Был сделан вывод о том, что хотя различные мутации, сказывающиеся на окрасе, случаются и в дикой природе, однако действительно удачные варианты, например серо-черные кошки, встречаются главным образом в низменных влажных районах Южной Африки, а более светлые, песочные — в ее сухих полупустынях.
Пятница родился недалеко от фермы, в вельде, и по окрасу очень напоминал свою мать. Анна взяла его еще котенком, и теперь, когда вырос, он стал великолепным образцом первой из категорий, приведенных выше.
Анна окликнула Пятницу откуда-то из чащи мимузопсов, и он оглянулся.
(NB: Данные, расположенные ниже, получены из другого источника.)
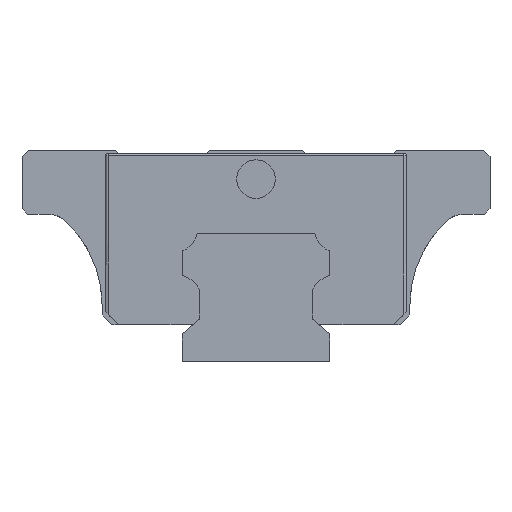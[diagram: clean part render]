
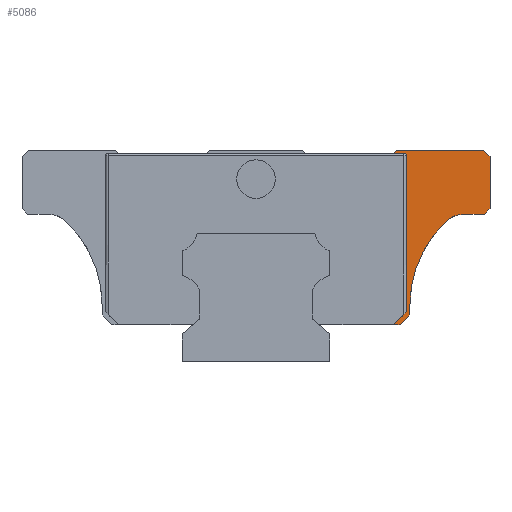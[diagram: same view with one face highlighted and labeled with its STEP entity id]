
A CAD part, left-side view. The second image highlights one B-rep face of the part: STEP entity #5086.
In plain terms, the highlighted planar face has unit normal (-1, 0, 0).
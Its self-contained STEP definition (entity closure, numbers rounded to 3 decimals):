
#48 = VERTEX_POINT ( 'NONE', #6343 ) ;
#312 = VERTEX_POINT ( 'NONE', #1058 ) ;
#476 = CARTESIAN_POINT ( 'NONE',  ( -29.5, -36.5, 33. ) ) ;
#484 = CARTESIAN_POINT ( 'NONE',  ( -29.5, -36.5, 32.05 ) ) ;
#505 = VECTOR ( 'NONE', #7234, 1000. ) ;
#525 = VERTEX_POINT ( 'NONE', #2518 ) ;
#528 = LINE ( 'NONE', #1318, #5107 ) ;
#553 = DIRECTION ( 'NONE',  ( 0., 0.707, 0.707 ) ) ;
#602 = LINE ( 'NONE', #4322, #505 ) ;
#614 = ORIENTED_EDGE ( 'NONE', *, *, #903, .T. ) ;
#625 = ORIENTED_EDGE ( 'NONE', *, *, #4870, .T. ) ;
#706 = VECTOR ( 'NONE', #2502, 1000. ) ;
#735 = AXIS2_PLACEMENT_3D ( 'NONE', #5370, #6594, #1164 ) ;
#903 = EDGE_CURVE ( 'NONE', #1022, #4295, #528, .T. ) ;
#916 = VERTEX_POINT ( 'NONE', #3751 ) ;
#981 = EDGE_CURVE ( 'NONE', #4251, #2848, #5604, .T. ) ;
#1015 = ORIENTED_EDGE ( 'NONE', *, *, #3601, .F. ) ;
#1022 = VERTEX_POINT ( 'NONE', #3226 ) ;
#1058 = CARTESIAN_POINT ( 'NONE',  ( -29.5, -23.449, 32.135 ) ) ;
#1164 = DIRECTION ( 'NONE',  ( 0., 0., 1. ) ) ;
#1194 = DIRECTION ( 'NONE',  ( 0., 0., 1. ) ) ;
#1196 = CARTESIAN_POINT ( 'NONE',  ( -29.5, -35.55, 33. ) ) ;
#1264 = LINE ( 'NONE', #6219, #6896 ) ;
#1312 = PLANE ( 'NONE',  #3814 ) ;
#1318 = CARTESIAN_POINT ( 'NONE',  ( -29.5, -11.736, 5.8 ) ) ;
#1327 = ORIENTED_EDGE ( 'NONE', *, *, #4745, .T. ) ;
#1349 = CARTESIAN_POINT ( 'NONE',  ( -29.5, -32.41, 19. ) ) ;
#1507 = VECTOR ( 'NONE', #4440, 1000. ) ;
#1598 = LINE ( 'NONE', #4718, #3458 ) ;
#1676 = ORIENTED_EDGE ( 'NONE', *, *, #6838, .T. ) ;
#1781 = CIRCLE ( 'NONE', #5882, 0.365 ) ;
#1856 = VERTEX_POINT ( 'NONE', #484 ) ;
#1895 = VERTEX_POINT ( 'NONE', #3082 ) ;
#1907 = CIRCLE ( 'NONE', #735, 18. ) ;
#1997 = CARTESIAN_POINT ( 'NONE',  ( -29.5, -23.084, 32.135 ) ) ;
#2005 = DIRECTION ( 'NONE',  ( 1., 0., 0. ) ) ;
#2133 = ORIENTED_EDGE ( 'NONE', *, *, #5414, .F. ) ;
#2178 = VECTOR ( 'NONE', #1194, 1000. ) ;
#2218 = ORIENTED_EDGE ( 'NONE', *, *, #3782, .T. ) ;
#2234 = VECTOR ( 'NONE', #2512, 1000. ) ;
#2250 = CARTESIAN_POINT ( 'NONE',  ( -29.5, -24., 7.3 ) ) ;
#2261 = CARTESIAN_POINT ( 'NONE',  ( -29.5, -22.5, 5.8 ) ) ;
#2369 = ORIENTED_EDGE ( 'NONE', *, *, #4498, .T. ) ;
#2502 = DIRECTION ( 'NONE',  ( 0., -1., 0. ) ) ;
#2512 = DIRECTION ( 'NONE',  ( 0., 0., 1. ) ) ;
#2518 = CARTESIAN_POINT ( 'NONE',  ( -29.5, -29.671, 21.914 ) ) ;
#2695 = EDGE_CURVE ( 'NONE', #3175, #4814, #2719, .T. ) ;
#2719 = LINE ( 'NONE', #4458, #5957 ) ;
#2848 = VERTEX_POINT ( 'NONE', #4738 ) ;
#2941 = ORIENTED_EDGE ( 'NONE', *, *, #981, .T. ) ;
#2950 = DIRECTION ( 'NONE',  ( 0., 1., 0. ) ) ;
#3000 = CARTESIAN_POINT ( 'NONE',  ( -29.5, -35.6, 23. ) ) ;
#3040 = EDGE_CURVE ( 'NONE', #48, #312, #5545, .T. ) ;
#3082 = CARTESIAN_POINT ( 'NONE',  ( -29.5, -24., 7.3 ) ) ;
#3130 = ORIENTED_EDGE ( 'NONE', *, *, #6365, .T. ) ;
#3153 = LINE ( 'NONE', #6164, #1507 ) ;
#3175 = VERTEX_POINT ( 'NONE', #6317 ) ;
#3208 = DIRECTION ( 'NONE',  ( 0., 0.643, -0.766 ) ) ;
#3226 = CARTESIAN_POINT ( 'NONE',  ( -29.5, -21.443, 5.8 ) ) ;
#3447 = EDGE_CURVE ( 'NONE', #4773, #525, #1907, .T. ) ;
#3458 = VECTOR ( 'NONE', #6426, 1000. ) ;
#3601 = EDGE_CURVE ( 'NONE', #4691, #4814, #3153, .T. ) ;
#3622 = LINE ( 'NONE', #6586, #2178 ) ;
#3643 = CARTESIAN_POINT ( 'NONE',  ( -29.5, -23.449, 7.8 ) ) ;
#3751 = CARTESIAN_POINT ( 'NONE',  ( -29.5, -36.5, 23.9 ) ) ;
#3782 = EDGE_CURVE ( 'NONE', #4295, #1895, #5793, .T. ) ;
#3814 = AXIS2_PLACEMENT_3D ( 'NONE', #6225, #7698, #5311 ) ;
#3888 = ORIENTED_EDGE ( 'NONE', *, *, #5035, .T. ) ;
#4251 = VERTEX_POINT ( 'NONE', #5090 ) ;
#4295 = VERTEX_POINT ( 'NONE', #2261 ) ;
#4306 = DIRECTION ( 'NONE',  ( 1., 0., 0. ) ) ;
#4322 = CARTESIAN_POINT ( 'NONE',  ( -29.5, -36.5, 23. ) ) ;
#4440 = DIRECTION ( 'NONE',  ( 0., 1., 0. ) ) ;
#4458 = CARTESIAN_POINT ( 'NONE',  ( -29.5, -21.9, 33. ) ) ;
#4498 = EDGE_CURVE ( 'NONE', #5057, #3175, #6002, .T. ) ;
#4691 = VERTEX_POINT ( 'NONE', #7143 ) ;
#4717 = DIRECTION ( 'NONE',  ( 0., -0.707, 0.707 ) ) ;
#4718 = CARTESIAN_POINT ( 'NONE',  ( -29.5, -36.5, 23.9 ) ) ;
#4738 = CARTESIAN_POINT ( 'NONE',  ( -29.5, -35.6, 23. ) ) ;
#4745 = EDGE_CURVE ( 'NONE', #2848, #916, #1598, .T. ) ;
#4773 = VERTEX_POINT ( 'NONE', #5794 ) ;
#4814 = VERTEX_POINT ( 'NONE', #7061 ) ;
#4870 = EDGE_CURVE ( 'NONE', #1895, #4773, #3622, .T. ) ;
#5013 = VECTOR ( 'NONE', #2950, 1000. ) ;
#5035 = EDGE_CURVE ( 'NONE', #525, #4251, #6878, .T. ) ;
#5057 = VERTEX_POINT ( 'NONE', #6936 ) ;
#5086 = ADVANCED_FACE ( 'NONE', ( #6825 ), #1312, .T. ) ;
#5090 = CARTESIAN_POINT ( 'NONE',  ( -29.5, -32.41, 23. ) ) ;
#5103 = DIRECTION ( 'NONE',  ( 0., -0.707, 0.707 ) ) ;
#5107 = VECTOR ( 'NONE', #6902, 1000. ) ;
#5209 = EDGE_LOOP ( 'NONE', ( #1676, #2369, #5285, #1015, #7770, #7235, #2133, #614, #2218, #625, #6100, #3888, #2941, #1327, #3130 ) ) ;
#5285 = ORIENTED_EDGE ( 'NONE', *, *, #2695, .T. ) ;
#5311 = DIRECTION ( 'NONE',  ( 0., 0., 1. ) ) ;
#5370 = CARTESIAN_POINT ( 'NONE',  ( -29.5, -42., 8.8 ) ) ;
#5414 = EDGE_CURVE ( 'NONE', #1022, #48, #1264, .T. ) ;
#5423 = EDGE_CURVE ( 'NONE', #4691, #312, #1781, .T. ) ;
#5545 = LINE ( 'NONE', #3643, #2234 ) ;
#5604 = LINE ( 'NONE', #3000, #706 ) ;
#5793 = LINE ( 'NONE', #2250, #6152 ) ;
#5794 = CARTESIAN_POINT ( 'NONE',  ( -29.5, -24., 8.8 ) ) ;
#5882 = AXIS2_PLACEMENT_3D ( 'NONE', #1997, #4306, #6147 ) ;
#5957 = VECTOR ( 'NONE', #3208, 1000. ) ;
#6002 = LINE ( 'NONE', #476, #5013 ) ;
#6100 = ORIENTED_EDGE ( 'NONE', *, *, #3447, .T. ) ;
#6147 = DIRECTION ( 'NONE',  ( 0., 0., 1. ) ) ;
#6152 = VECTOR ( 'NONE', #4717, 1000. ) ;
#6164 = CARTESIAN_POINT ( 'NONE',  ( -29.5, -24.589, 32.5 ) ) ;
#6219 = CARTESIAN_POINT ( 'NONE',  ( -29.5, -21.443, 5.8 ) ) ;
#6225 = CARTESIAN_POINT ( 'NONE',  ( -29.5, -10.009, 5.8 ) ) ;
#6317 = CARTESIAN_POINT ( 'NONE',  ( -29.5, -21.9, 33. ) ) ;
#6343 = CARTESIAN_POINT ( 'NONE',  ( -29.5, -23.449, 7.806 ) ) ;
#6365 = EDGE_CURVE ( 'NONE', #916, #1856, #602, .T. ) ;
#6426 = DIRECTION ( 'NONE',  ( 0., -0.707, 0.707 ) ) ;
#6493 = AXIS2_PLACEMENT_3D ( 'NONE', #1349, #2005, #7468 ) ;
#6586 = CARTESIAN_POINT ( 'NONE',  ( -29.5, -24., 8.8 ) ) ;
#6594 = DIRECTION ( 'NONE',  ( 1., 0., 0. ) ) ;
#6711 = LINE ( 'NONE', #1196, #6926 ) ;
#6825 = FACE_OUTER_BOUND ( 'NONE', #5209, .T. ) ;
#6838 = EDGE_CURVE ( 'NONE', #1856, #5057, #6711, .T. ) ;
#6878 = CIRCLE ( 'NONE', #6493, 4. ) ;
#6896 = VECTOR ( 'NONE', #5103, 1000. ) ;
#6902 = DIRECTION ( 'NONE',  ( 0., -1., 0. ) ) ;
#6926 = VECTOR ( 'NONE', #553, 1000. ) ;
#6936 = CARTESIAN_POINT ( 'NONE',  ( -29.5, -35.55, 33. ) ) ;
#7061 = CARTESIAN_POINT ( 'NONE',  ( -29.5, -21.48, 32.5 ) ) ;
#7143 = CARTESIAN_POINT ( 'NONE',  ( -29.5, -23.084, 32.5 ) ) ;
#7234 = DIRECTION ( 'NONE',  ( 0., 0., 1. ) ) ;
#7235 = ORIENTED_EDGE ( 'NONE', *, *, #3040, .F. ) ;
#7468 = DIRECTION ( 'NONE',  ( 0., 0., 1. ) ) ;
#7698 = DIRECTION ( 'NONE',  ( -1., 0., 0. ) ) ;
#7770 = ORIENTED_EDGE ( 'NONE', *, *, #5423, .T. ) ;

Он давно ждал ее странного, похожего на крик птицы призыва, столь характерного для таких, как Анна, людей-кошек; вряд ли он желал услышать именно свою кличку — ни один уважающий себя кот не соблаговолит откликнуться на какое-то примитивное, придуманное людьми имя.
Услышав над рекой похожие на мерный звон колокола крики африканского коршуна-рыболова, Пятница сразу припустил галопом, взлетая почти параллельно земле с вытянутыми задними лапами и стремясь поскорее укрыться в тени деревьев. Чуть запыхавшись и нарочито изображая усталость, он наконец нагнал Анну, однако все же постарался скрыть свою «позорную» торопливость — уселся и с самым безмятежным видом принялся тщательно вылизывать внутреннюю сторону задних лап.
Орлы — не только африканские коршуны-рыболовы — вообще-то нечасто встречались Пятнице в его родном ночном мире в ту пору, когда он охотился, так что он в них не особенно разбирался; все они казались ему просто огромными грозными тенями, проносившимися порой в опасной близости от земли. А в вышине небес, когда слышны были только их голоса, они казались ему нестрашными и бесплотными. Их крики он слышал за много километров, но лишь однажды действительно испугался, когда орел спикировал на него, причем вряд ли это было сознательным нападением. Скорее всего, пернатый хищник просто решил посмотреть, что это такое, из чистого любопытства, что называется. Пятница услышал шум воздушных струй, свист дрожащих маховых перьев и успел заметить лишь мгновенно промелькнувшую тень над головой, однако этот опыт оказался не бесполезным, пробудив в нем некую древнюю память об опасности, падающей с небес.